The first lady was involved in crafting the response, which a source close to her said “was from the heart.”

Jill Biden felt the “Beau attack was beyond the pale and the attacks on his age were flat inaccurate,” the source said, noting the first lady “wanted to make clear that the American people benefit from his 81 years.”

Over the weekend, the president’s social media account also posted a photo of Biden playing football with his sons Beau and Hunter. “1987 with my boys,” the president’s account wrote.

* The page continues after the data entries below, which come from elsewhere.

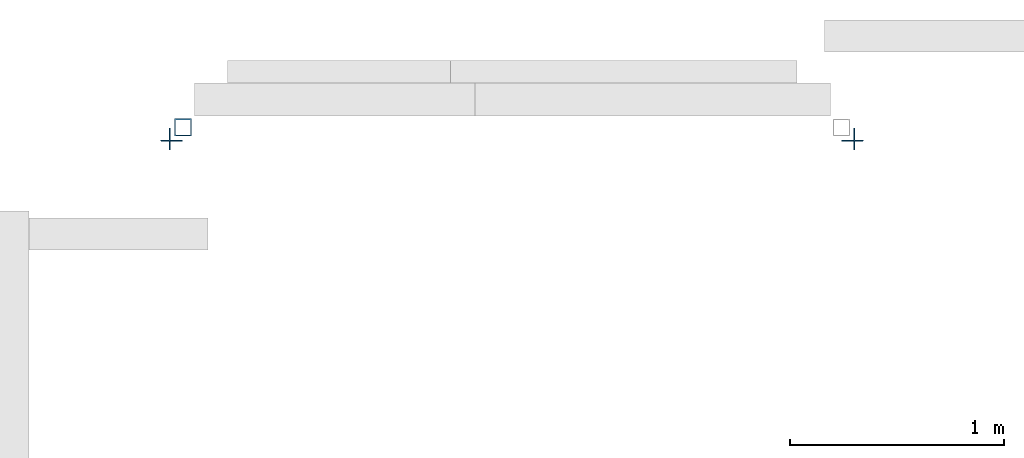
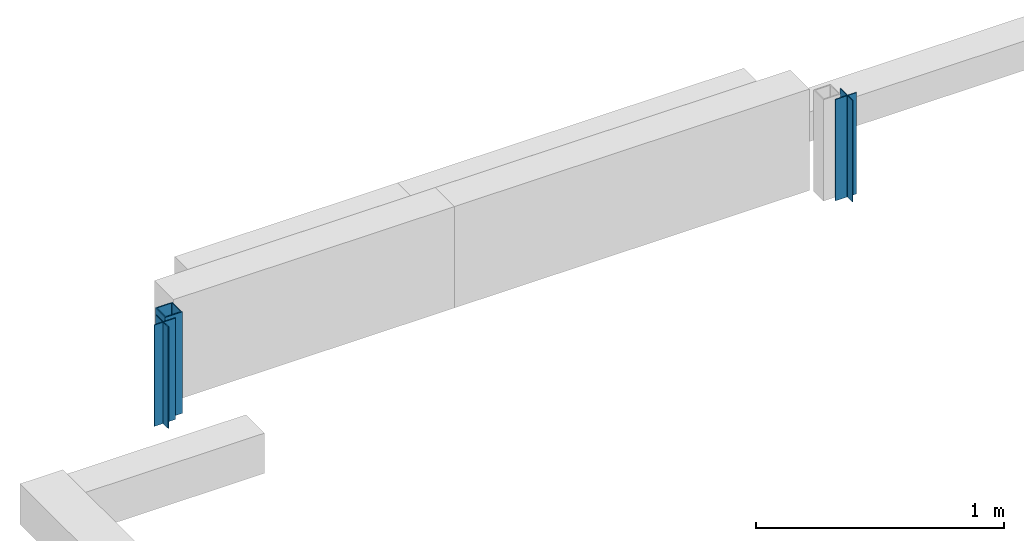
# One storey, part 2 of 3: 3 columns.
"""IFC2X3 building model written with IfcOpenShell, lengths in millimetres."""

from ifc_helpers import new_model, entity, si_unit, converted_unit, derived_unit, direction, frame, origin_with_axes, place, context, subcontext, project, spatial, faceted_brep, material, type_object, element, save


model = new_model("IFC2X3")

# Units and contexts
model_context = context("Model", 3, precision=0.01, world=frame((0.0, 4.29681676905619e-09, 0.0)), true_north=direction((4.01073788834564e-13, 1.0)))
plan_context = context("Plan", 3, precision=0.01, world=frame((0.0, 4.29681676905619e-09, 0.0)), true_north=direction((4.01073788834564e-13, 1.0)))
body_context = subcontext(model_context, "Body", "Model", "MODEL_VIEW")
ifc_project = project(units=[converted_unit("PLANEANGLEUNIT", "DEGREE", entity("IfcPositiveLengthMeasure", 0.0174532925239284), si_unit("PLANEANGLEUNIT", "RADIAN"), dimensions=[0, 0, 0, 0, 0, 0, 0]), si_unit("AREAUNIT", "SQUARE_METRE"), si_unit("LENGTHUNIT", "METRE", prefix="MILLI"), si_unit("MASSUNIT", "GRAM", prefix="KILO"), si_unit("POWERUNIT", "WATT"), si_unit("PRESSUREUNIT", "PASCAL"), si_unit("FORCEUNIT", "NEWTON", prefix="KILO"), si_unit("ELECTRICVOLTAGEUNIT", "VOLT"), si_unit("ELECTRICCURRENTUNIT", "AMPERE"), si_unit("THERMODYNAMICTEMPERATUREUNIT", "DEGREE_CELSIUS"), si_unit("TIMEUNIT", "SECOND"), si_unit("VOLUMEUNIT", "CUBIC_METRE"), derived_unit("LINEARVELOCITYUNIT", [(si_unit("LENGTHUNIT", "METRE"), 1), (si_unit("TIMEUNIT", "SECOND"), -1)]), derived_unit("VOLUMETRICFLOWRATEUNIT", [(si_unit("VOLUMEUNIT", "CUBIC_METRE"), 1), (si_unit("TIMEUNIT", "SECOND"), -1)]), derived_unit("THERMALTRANSMITTANCEUNIT", [(si_unit("POWERUNIT", "WATT"), 1), (si_unit("THERMODYNAMICTEMPERATUREUNIT", "KELVIN"), -1), (si_unit("AREAUNIT", "SQUARE_METRE"), -1)]), derived_unit("SOUNDPRESSUREUNIT", [(si_unit("PRESSUREUNIT", "PASCAL"), 1)])], contexts=[model_context, plan_context])

# Site, building, storey
site_placement = place(None, origin_with_axes())
site = spatial("IfcSite", under=ifc_project, at=site_placement, Name="ENGM", CompositionType="ELEMENT")
building_placement = place(site_placement, origin_with_axes())
building = spatial("IfcBuilding", under=site, at=building_placement, Name="TI", CompositionType="ELEMENT")
storey_placement = place(building_placement, frame((0.0, 0.0, 213700.0), z_axis=(0.0, 0.0, 1.0), x_axis=(1.0, 0.0, 0.0)))
storey = spatial("IfcBuildingStorey", under=building, at=storey_placement, Name="Nivå G - 2,0m", CompositionType="ELEMENT", Elevation=213700.0)

# Columns
ifc_material_1 = material(Name="_NSW Stål")
column_type_1 = type_object("IfcColumnType", Name="B222 - HUP:B222 - HUP - 80 x 80 x 5 mm", PredefinedType="COLUMN", material=ifc_material_1)
column_1_placement = place(storey_placement, frame((598989.513867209, 698974.999999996, -213700.0), z_axis=(0.0, 0.0, 1.0), x_axis=(-1.0, 0.0, 0.0)))
element("IfcColumn", 1, at=column_1_placement, inside=storey, type_object=column_type_1, Name="B222 - HUP:B222 - HUP - 80 x 80 x 5 mm", ObjectType="B222 - HUP:B222 - HUP - 80 x 80 x 5 mm", context=body_context, shape_type="Brep", body=[
    faceted_brep([(32.8910861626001, -34.969220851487, 214200.0), (32.4999999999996, -35.0, 214200.0), (32.4999999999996, -35.0, 213700.0), (32.8910861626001, -34.969220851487, 213700.0), (-32.4999999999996, -35.0, 214200.0), (-32.4999999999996, -35.0, 213700.0), (-32.9341204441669, -34.9620193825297, 214200.0), (-32.9341204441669, -34.9620193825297, 213700.0), (-33.3550503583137, -34.8492315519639, 214200.0), (-33.3550503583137, -34.8492315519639, 213700.0), (-33.7499999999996, -34.6650635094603, 214200.0), (-33.7499999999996, -34.6650635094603, 213700.0), (-34.1069690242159, -34.4151111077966, 214200.0), (-34.1069690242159, -34.4151111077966, 213700.0), (-34.415111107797, -34.1069690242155, 214200.0), (-34.415111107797, -34.1069690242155, 213700.0), (-34.6650635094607, -33.7499999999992, 214200.0), (-34.6650635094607, -33.7499999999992, 213700.0), (-34.8492315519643, -33.3550503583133, 214200.0), (-34.8492315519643, -33.3550503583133, 213700.0), (-34.9620193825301, -32.9341204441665, 214200.0), (-34.9620193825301, -32.9341204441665, 213700.0), (-35.0, -32.4999999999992, 214200.0), (-35.0, -32.4999999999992, 213700.0), (-35.0, 32.5000000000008, 214200.0), (-35.0, 32.5000000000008, 213700.0), (-34.9620193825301, 32.9341204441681, 214200.0), (-34.9620193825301, 32.9341204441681, 213700.0), (-34.8492315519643, 33.355050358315, 214200.0), (-34.8492315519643, 33.355050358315, 213700.0), (-34.6650635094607, 33.7500000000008, 214200.0), (-34.6650635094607, 33.7500000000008, 213700.0), (-34.415111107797, 34.1069690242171, 214200.0), (-34.415111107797, 34.1069690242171, 213700.0), (-34.1069690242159, 34.4151111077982, 214200.0), (-34.1069690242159, 34.4151111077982, 213700.0), (-33.7499999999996, 34.6650635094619, 214200.0), (-33.7499999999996, 34.6650635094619, 213700.0), (-33.3550503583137, 34.8492315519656, 214200.0), (-33.3550503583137, 34.8492315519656, 213700.0), (-32.9341204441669, 34.9620193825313, 214200.0), (-32.9341204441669, 34.9620193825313, 213700.0), (-32.4999999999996, 35.0000000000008, 214200.0), (-32.4999999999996, 35.0000000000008, 213700.0), (32.4999999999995, 35.0000000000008, 214200.0), (32.4999999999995, 35.0000000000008, 213700.0), (32.8910861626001, 34.9692208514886, 214200.0), (32.8910861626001, 34.9692208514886, 213700.0), (33.2725424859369, 34.8776412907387, 214200.0), (33.2725424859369, 34.8776412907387, 213700.0), (33.6349762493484, 34.7275163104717, 214200.0), (33.6349762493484, 34.7275163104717, 213700.0), (33.9694631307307, 34.5225424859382, 214200.0), (33.9694631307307, 34.5225424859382, 213700.0), (34.2677669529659, 34.2677669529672, 214200.0), (34.2677669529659, 34.2677669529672, 213700.0), (34.5225424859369, 33.969463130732, 214200.0), (34.5225424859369, 33.969463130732, 213700.0), (34.7275163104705, 33.6349762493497, 214200.0), (34.7275163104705, 33.6349762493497, 213700.0), (34.8776412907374, 33.2725424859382, 214200.0), (34.8776412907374, 33.2725424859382, 213700.0), (34.9692208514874, 32.8910861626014, 214200.0), (34.9692208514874, 32.8910861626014, 213700.0), (35.0, 32.5000000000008, 214200.0), (35.0, 32.5000000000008, 213700.0), (35.0, -32.4999999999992, 214200.0), (35.0, -32.4999999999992, 213700.0), (34.9692208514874, -32.8910861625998, 214200.0), (34.9692208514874, -32.8910861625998, 213700.0), (34.8776412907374, -33.2725424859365, 214200.0), (34.8776412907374, -33.2725424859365, 213700.0), (34.7275163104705, -33.634976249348, 214200.0), (34.7275163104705, -33.634976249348, 213700.0), (34.5225424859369, -33.9694631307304, 214200.0), (34.5225424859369, -33.9694631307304, 213700.0), (34.2677669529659, -34.2677669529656, 214200.0), (34.2677669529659, -34.2677669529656, 213700.0), (33.9694631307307, -34.5225424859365, 214200.0), (33.9694631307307, -34.5225424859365, 213700.0), (33.6349762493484, -34.7275163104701, 214200.0), (33.6349762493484, -34.7275163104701, 213700.0), (33.2725424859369, -34.8776412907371, 214200.0), (33.2725424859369, -34.8776412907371, 213700.0), (-35.0, -40.0, 214200.0), (34.9999999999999, -40.0, 214200.0), (34.9999999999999, -40.0, 213700.0), (-35.0, -40.0, 213700.0), (35.8682408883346, -39.924038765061, 214200.0), (35.8682408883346, -39.924038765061, 213700.0), (36.7101007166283, -39.6984631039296, 214200.0), (36.7101007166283, -39.6984631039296, 213700.0), (37.4999999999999, -39.3301270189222, 214200.0), (37.4999999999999, -39.3301270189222, 213700.0), (38.2139380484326, -38.8302222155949, 214200.0), (38.2139380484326, -38.8302222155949, 213700.0), (38.8302222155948, -38.2139380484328, 214200.0), (38.8302222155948, -38.2139380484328, 213700.0), (39.3301270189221, -37.5000000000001, 214200.0), (39.3301270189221, -37.5000000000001, 213700.0), (39.6984631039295, -36.7101007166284, 214200.0), (39.6984631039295, -36.7101007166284, 213700.0), (39.924038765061, -35.8682408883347, 214200.0), (39.924038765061, -35.8682408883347, 213700.0), (40.0, -35.0, 214200.0), (40.0, -35.0, 213700.0), (40.0, 34.9999999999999, 214200.0), (40.0, 34.9999999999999, 213700.0), (39.9384417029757, 35.7821723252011, 214200.0), (39.9384417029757, 35.7821723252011, 213700.0), (39.7552825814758, 36.5450849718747, 214200.0), (39.7552825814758, 36.5450849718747, 213700.0), (39.4550326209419, 37.2699524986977, 214200.0), (39.4550326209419, 37.2699524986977, 213700.0), (39.0450849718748, 37.9389262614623, 214200.0), (39.0450849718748, 37.9389262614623, 213700.0), (38.5355339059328, 38.5355339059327, 214200.0), (38.5355339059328, 38.5355339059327, 213700.0), (37.9389262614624, 39.0450849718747, 214200.0), (37.9389262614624, 39.0450849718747, 213700.0), (37.2699524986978, 39.4550326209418, 214200.0), (37.2699524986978, 39.4550326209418, 213700.0), (36.5450849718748, 39.7552825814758, 214200.0), (36.5450849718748, 39.7552825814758, 213700.0), (35.7821723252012, 39.9384417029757, 214200.0), (35.7821723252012, 39.9384417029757, 213700.0), (35.0, 40.0, 214200.0), (35.0, 40.0, 213700.0), (-35.0, 40.0, 214200.0), (-35.0, 40.0, 213700.0), (-35.8682408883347, 39.924038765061, 214200.0), (-35.8682408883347, 39.924038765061, 213700.0), (-36.7101007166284, 39.6984631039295, 214200.0), (-36.7101007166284, 39.6984631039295, 213700.0), (-37.5, 39.3301270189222, 214200.0), (-37.5, 39.3301270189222, 213700.0), (-38.2139380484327, 38.8302222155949, 214200.0), (-38.2139380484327, 38.8302222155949, 213700.0), (-38.8302222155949, 38.2139380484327, 214200.0), (-38.8302222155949, 38.2139380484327, 213700.0), (-39.3301270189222, 37.5, 214200.0), (-39.3301270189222, 37.5, 213700.0), (-39.6984631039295, 36.7101007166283, 214200.0), (-39.6984631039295, 36.7101007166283, 213700.0), (-39.924038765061, 35.8682408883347, 214200.0), (-39.924038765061, 35.8682408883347, 213700.0), (-40.0, 35.0, 214200.0), (-40.0, 35.0, 213700.0), (-40.0, -35.0, 214200.0), (-40.0, -35.0, 213700.0), (-39.924038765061, -35.8682408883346, 214200.0), (-39.924038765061, -35.8682408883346, 213700.0), (-39.6984631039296, -36.7101007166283, 214200.0), (-39.6984631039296, -36.7101007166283, 213700.0), (-39.3301270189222, -37.5, 214200.0), (-39.3301270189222, -37.5, 213700.0), (-38.8302222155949, -38.2139380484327, 214200.0), (-38.8302222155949, -38.2139380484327, 213700.0), (-38.2139380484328, -38.8302222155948, 214200.0), (-38.2139380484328, -38.8302222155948, 213700.0), (-37.5000000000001, -39.3301270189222, 214200.0), (-37.5000000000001, -39.3301270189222, 213700.0), (-36.7101007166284, -39.6984631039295, 214200.0), (-36.7101007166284, -39.6984631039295, 213700.0), (-35.8682408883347, -39.924038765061, 214200.0), (-35.8682408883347, -39.924038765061, 213700.0)], [[[0, 1, 2, 3]], [[1, 4, 5, 2]], [[4, 6, 7, 5]], [[6, 8, 9, 7]], [[8, 10, 11, 9]], [[10, 12, 13, 11]], [[12, 14, 15, 13]], [[14, 16, 17, 15]], [[16, 18, 19, 17]], [[18, 20, 21, 19]], [[20, 22, 23, 21]], [[22, 24, 25, 23]], [[24, 26, 27, 25]], [[26, 28, 29, 27]], [[28, 30, 31, 29]], [[30, 32, 33, 31]], [[32, 34, 35, 33]], [[34, 36, 37, 35]], [[36, 38, 39, 37]], [[38, 40, 41, 39]], [[40, 42, 43, 41]], [[42, 44, 45, 43]], [[44, 46, 47, 45]], [[46, 48, 49, 47]], [[48, 50, 51, 49]], [[50, 52, 53, 51]], [[52, 54, 55, 53]], [[54, 56, 57, 55]], [[56, 58, 59, 57]], [[58, 60, 61, 59]], [[60, 62, 63, 61]], [[62, 64, 65, 63]], [[64, 66, 67, 65]], [[66, 68, 69, 67]], [[68, 70, 71, 69]], [[70, 72, 73, 71]], [[72, 74, 75, 73]], [[74, 76, 77, 75]], [[76, 78, 79, 77]], [[78, 80, 81, 79]], [[80, 82, 83, 81]], [[82, 0, 3, 83]], [[84, 85, 86, 87]], [[85, 88, 89, 86]], [[88, 90, 91, 89]], [[90, 92, 93, 91]], [[92, 94, 95, 93]], [[94, 96, 97, 95]], [[96, 98, 99, 97]], [[98, 100, 101, 99]], [[100, 102, 103, 101]], [[102, 104, 105, 103]], [[104, 106, 107, 105]], [[106, 108, 109, 107]], [[108, 110, 111, 109]], [[110, 112, 113, 111]], [[112, 114, 115, 113]], [[114, 116, 117, 115]], [[116, 118, 119, 117]], [[118, 120, 121, 119]], [[120, 122, 123, 121]], [[122, 124, 125, 123]], [[124, 126, 127, 125]], [[126, 128, 129, 127]], [[128, 130, 131, 129]], [[130, 132, 133, 131]], [[132, 134, 135, 133]], [[134, 136, 137, 135]], [[136, 138, 139, 137]], [[138, 140, 141, 139]], [[140, 142, 143, 141]], [[142, 144, 145, 143]], [[144, 146, 147, 145]], [[146, 148, 149, 147]], [[148, 150, 151, 149]], [[150, 152, 153, 151]], [[152, 154, 155, 153]], [[154, 156, 157, 155]], [[156, 158, 159, 157]], [[158, 160, 161, 159]], [[160, 162, 163, 161]], [[162, 164, 165, 163]], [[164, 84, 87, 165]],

Hur’s reference of Beau – who died from brain cancer in 2015 – angered the president the most, prompting him to tell Democratic lawmakers in private, “How would I f***ing” forget” a date etched in his memory.

“As legal experts around the country are saying, it just goes off the rails. It’s a shabby piece of work,” Biden’s personal attorney, Bob Bauer, told CBS of the report.

In a fundraising appeal on Monday, Vice President Kamala Harris joined the Bidens in criticizing the report’s contents.

“As a former prosecutor, I can tell you firsthand that the comments that were made by the Special Counsel were unnecessary, inaccurate, and inappropriate,” Harris wrote. “The way that the President’s demeanor was characterized in that report could not be more wrong. It was clearly politically motivated.”

Harris also detailed Biden’s response in the wake of Hamas’ October 7 on Israel, calling the hours before the special counsel’s interview with the president “an intense moment for the Commander in Chief of the United States.”

“When it comes to the role and responsibility of a prosecutor in a situation like that, we should expect a higher level of integrity than what we saw. Nevertheless, I want you to know the Joe that I know,” Harris wrote. “I’ve been with Joe in the Oval Office when the cameras are there, and when they are not. I’ve watched him bring folks together across the nation and across the world. He is an incredible leader.”

Mitch Landrieu, who recently left a White House post to become a co-chair of Biden’s campaign, said the report was an “ad hominem attack that questioned the president’s capacity” and didn’t reflect his own experiences.

“This guy is tough. He’s smart. He’s on his game,” he said on NBC.